Oczywiście, nie jest tak, że wszystkie problemy pojawiają się we wszystkich szpitalach. Ale już sam fakt, że skargi powtarzają się w kilku czy kilkunastu z nich to powód, żeby podjęło realne kroki. Dlatego pytałam o to, czy ministerstwo jest świadome tych problemów oraz o to, w jaki sposób chce im zapobiec.

Czy MZ ma JAKIKOLWIEK plan na odmrożenie szpitali jednoimiennych? Systemowy plan. A nie zakładanie wolnej amerykanki, “radźcie sobie sami”.

Czy ma plan na drugą falę koronawirusa? Bo nikt nie kwestionuje konieczności przygotowania się na pierwszą. Nie dało się przewidzieć, ile osób będzie w Polsce chorowało. Zamiana szpitali na jednoimienne była sensownym ruchem, nawet jeżeli okazała się działaniem przesadnym. Teraz to wiemy. Ale wiemy też, że ten system powoduje ograniczenie dostępu do lekarzy ogromnej grupie ludzi. I że powoduje wyniszczenie sporej części szpitali.

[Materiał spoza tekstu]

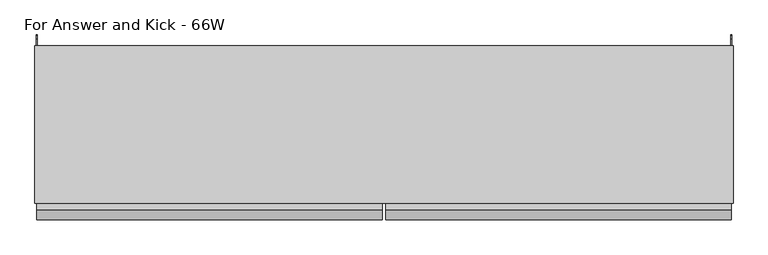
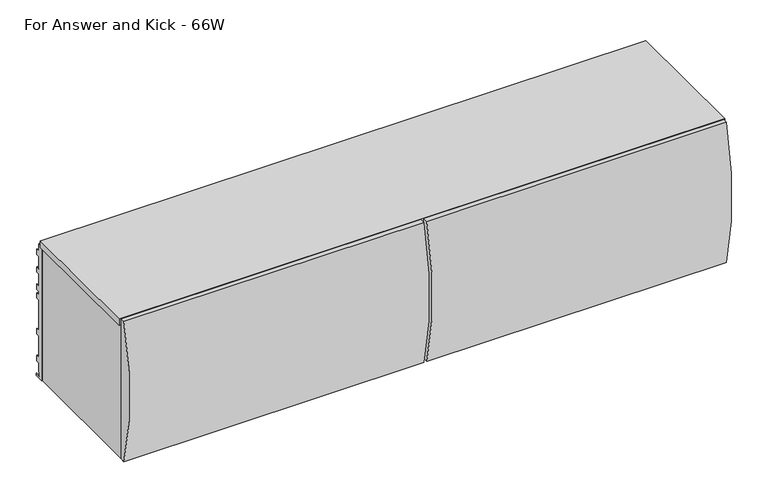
"""IFC4 building model written with IfcOpenShell, lengths in millimetres: furniture geometry, Steelcase - Universal Storage - Over the Case Bin - Radius Front : For Answer and Kick - 66W."""

from ifc_helpers import new_model, si_unit, point, frame, frame_2d, origin, place, context, project, spatial, polyline, circle_curve, trimmed, segment, composite_curve, outline, extrude, source, transform, mapped, element, save


def for_answer_and_kick_66w_54af6ecc(model_context):
    return source(origin(), model_context, "Body", "SweptSolid", [
        extrude(outline(polyline([(0.0, 1657.096), (15.428165, 1657.096), (15.428165, 1635.9725192), (24.6737648, 1635.9725192), (24.6737648, 1620.2499324), (17.7141651, 1620.2499324), (17.7141651, 1627.4034202), (15.428165, 1627.4034202), (13.3707653, 1623.8398995), (13.3707653, 1584.7332049), (24.4959651, 1584.7332049), (24.4959651, 1569.0106181), (17.7141651, 1569.0106181), (17.7141651, 1576.1734076), (15.428165, 1576.1734076), (13.3707653, 1572.6099624), (13.3707653, 1533.4938907), (24.6737648, 1533.4938907), (24.6737648, 1517.7713038), (17.5768, 1517.7713038), (17.5768, 1524.9340934), (15.4248855, 1524.9340934), (13.3349998, 1521.3219111), (13.3349998, 1508.4166423), (24.6737648, 1508.4166423), (24.6737648, 1492.6940555), (17.5768, 1492.6940555), (17.5768, 1499.856845), (15.4205129, 1499.856845), (13.3933344, 1496.3530466), (13.3933344, 1483.6530466), (15.428165, 1479.2893385), (15.428165, 1403.8551467), (24.6737648, 1403.8551467), (24.6737648, 1388.1325599), (17.7141651, 1388.1325599), (17.7141651, 1395.2982562), (15.428165, 1395.2982562), (13.3306079, 1391.6651808), (13.3306079, 1353.5651808), (15.428165, 1349.9321054), (15.428165, 1325.1000701), (24.6737648, 1325.1000701), (24.6737648, 1309.3774833), (17.7141651, 1309.3774833), (17.7141651, 1316.5328605), (15.428165, 1316.5328605), (15.428165, 1303.5355433), (13.2046809, 1299.684356), (13.2046809, 1282.9679719), (11.2879653, 1282.9679719), (11.2879653, 1271.9303504), (26.4009645, 1271.9303504), (26.4009645, 1265.428), (0.0, 1265.428), (0.0, 1657.096)])), frame((1670.8882, 0.0, 0.0), z_axis=(1.0, 0.0, 0.0), x_axis=(0.0, 1.0, 0.0)), (0.0, 0.0, 1.0), 1.905),
        extrude(outline(polyline([(0.0, 1657.096), (15.428165, 1657.096), (15.428165, 1635.9725192), (24.6737648, 1635.9725192), (24.6737648, 1620.2499324), (17.7141651, 1620.2499324), (17.7141651, 1627.4034202), (15.428165, 1627.4034202), (13.3707653, 1623.8398995), (13.3707653, 1584.7332049), (24.4959651, 1584.7332049), (24.4959651, 1569.0106181), (17.7141651, 1569.0106181), (17.7141651, 1576.1734076), (15.428165, 1576.1734076), (13.3707653, 1572.6099624), (13.3707653, 1533.4938907), (24.6737648, 1533.4938907), (24.6737648, 1517.7713038), (17.5768, 1517.7713038), (17.5768, 1524.9340934), (15.4248855, 1524.9340934), (13.3349998, 1521.3219111), (13.3349998, 1508.4166423), (24.6737648, 1508.4166423), (24.6737648, 1492.6940555), (17.5768, 1492.6940555), (17.5768, 1499.856845), (15.4205129, 1499.856845), (13.3933344, 1496.3530466), (13.3933344, 1483.6530466), (15.428165, 1479.2893385), (15.428165, 1403.8551467), (24.6737648, 1403.8551467), (24.6737648, 1388.1325599), (17.7141651, 1388.1325599), (17.7141651, 1395.2982562), (15.428165, 1395.2982562), (13.3306079, 1391.6651808), (13.3306079, 1353.5651808), (15.428165, 1349.9321054), (15.428165, 1325.1000701), (24.6737648, 1325.1000701), (24.6737648, 1309.3774833), (17.7141651, 1309.3774833), (17.7141651, 1316.5328605), (15.428165, 1316.5328605), (15.428165, 1303.5355433), (13.2046809, 1299.684356), (13.2046809, 1282.9679719), (11.2879653, 1282.9679719), (11.2879653, 1271.9303504), (26.4009645, 1271.9303504), (26.4009645, 1265.428), (0.0, 1265.428), (0.0, 1657.096)])), frame((3.6068, 0.0, 0.0), z_axis=(1.0, 0.0, 0.0), x_axis=(0.0, 1.0, 0.0)), (0.0, 0.0, 1.0), 1.905),
        extrude(outline(composite_curve([segment(polyline([(-393.0769518, 1677.2612846), (-379.476, 1677.2612846), (-379.476, 1266.8226746), (-393.0769518, 1266.8226746)]), True, "CONTINUOUS"), segment(trimmed(circle_curve(frame_2d((352.6331971, 1472.0419796)), 773.4329895), [point((-393.0769518, 1266.8226746))], [point((-393.0769518, 1677.2612846))], False, "CARTESIAN"), True, "CONTINUOUS")], self_intersect=False)), frame((842.772, 0.0, 0.0), z_axis=(1.0, 0.0, 0.0), x_axis=(0.0, 1.0, 0.0)), (0.0, 0.0, 1.0), 829.1983),
        extrude(outline(composite_curve([segment(polyline([(-393.0769518, 1677.2612846), (-379.476, 1677.2612846), (-379.476, 1266.8226746), (-393.0769518, 1266.8226746)]), True, "CONTINUOUS"), segment(trimmed(circle_curve(frame_2d((352.6331971, 1472.0419796)), 773.4329895), [point((-393.0769518, 1266.8226746))], [point((-393.0769518, 1677.2612846))], False, "CARTESIAN"), True, "CONTINUOUS")], self_intersect=False)), frame((4.4448587, 0.0, 0.0), z_axis=(1.0, 0.0, 0.0), x_axis=(0.0, 1.0, 0.0)), (0.0, 0.0, 1.0), 829.1831413),
        extrude(outline(polyline([(1676.4, -377.213238), (0.0, -377.213238), (0.0, 0.0), (1676.4, 0.0), (1676.4, -377.213238)])), frame((0.0, 0.0, 1657.35), z_axis=(0.0, 0.0, 1.0), x_axis=(1.0, 0.0, 0.0)), (0.0, 0.0, 1.0), 19.05),
        extrude(outline(polyline([(15.875, -377.213238), (5.5118, -377.213238), (5.5118, 0.0), (15.875, 0.0), (15.875, -377.213238)])), frame((0.0, 0.0, 1265.428), z_axis=(0.0, 0.0, 1.0), x_axis=(1.0, 0.0, 0.0)), (0.0, 0.0, 1.0), 391.6679457),
        extrude(outline(polyline([(1675.2568665, -377.213238), (1660.525, -377.213238), (1660.525, 0.0), (1675.2568665, 0.0), (1675.2568665, -377.213238)])), frame((0.0, 0.0, 1265.428), z_axis=(0.0, 0.0, 1.0), x_axis=(1.0, 0.0, 0.0)), (0.0, 0.0, 1.0), 391.6679457),
        extrude(outline(polyline([(-35.4584098, 1372.819257), (-27.0763996, 1372.819257), (-27.0763996, 1360.1191601), (-33.4264117, 1360.1191601), (-33.4264117, 1323.1622589), (-27.0763996, 1323.1622589), (-27.0763996, 1265.428), (-35.4584098, 1265.428), (-35.4584098, 1293.054213), (-46.1263996, 1293.054213), (-46.1263996, 1268.1875622), (-59.9694137, 1268.1875622), (-59.9694137, 1294.8575912), (-332.8542818, 1294.8575912), (-332.8542818, 1268.1875622), (-377.3042823, 1268.1875622), (-377.3042823, 1310.7072052), (-35.4584098, 1310.7072052), (-35.4584098, 1372.819257)])), frame((15.875, 0.0, 0.0), z_axis=(1.0, 0.0, 0.0), x_axis=(0.0, 1.0, 0.0)), (0.0, 0.0, 1.0), 1644.65),
    ])


if __name__ == "__main__":
    model = new_model("IFC4")
    model_context = context("Model", 3, world=origin())
    ifc_project = project(units=[si_unit("LENGTHUNIT", "METRE", prefix="MILLI")], contexts=[model_context])
    site = spatial("IfcSite", under=ifc_project)
    building = spatial("IfcBuilding", under=site)
    placement = place(None, origin())
    for_answer_and_kick_66w_shape = for_answer_and_kick_66w_54af6ecc(model_context)
    element("IfcFurniture", 1, ObjectType="Steelcase - Universal Storage - Over the Case Bin - Radius Front : For Answer and Kick - 66W", at=placement, inside=building, context=model_context, shape_type="MappedRepresentation", body=[
        mapped(for_answer_and_kick_66w_shape, transform((0.0, 0.0, 0.0), x_axis=(1.0, 0.0, 0.0), y_axis=(0.0, 1.0, 0.0), z_axis=(0.0, 0.0, 1.0))),
    ])
    save(model, "model.ifc")

Pytałam więc o to, czy MZ chce utrzymać ten system, czy może jednak wdrożyć inne rozwiązanie, np. niemieckie – czyli mały oddział zakaźny w każdej placówce.

Pytałam też o przygotowanie środków ochronnych dla personelu na jesień – Ile środków ochrony osobistej ministerstwo zakupiło na wypadek drugiej fali zachorowań na COVID-19. Ile środków przypadnie na jeden szpital, na jaki czas wystarczy, na ilu pracowników.

Na większość moich pytań niestety nie uzyskałam odpowiedzi. Dlatego poprosiłam o odpowiedzi na piśmie. Nie zostawię tej sprawy.

Za pomoc w przygotowaniu materiału dziękuję dyrektorce mojego warszawskiego biura poselskiego Iwona Gałązka. Wykonała naprawdę niesamowitą pracę koordynując zespół kontaktujący się z pracownikami i pracownicami i związkami zawodowymi szpitali jednoimiennych. Sama przeprowadziła większość z tych trudnych, ale jakże cennych rozmów. Bez jej pracy, zwołanie tej komisji nie miałoby sensu. Dziękuję!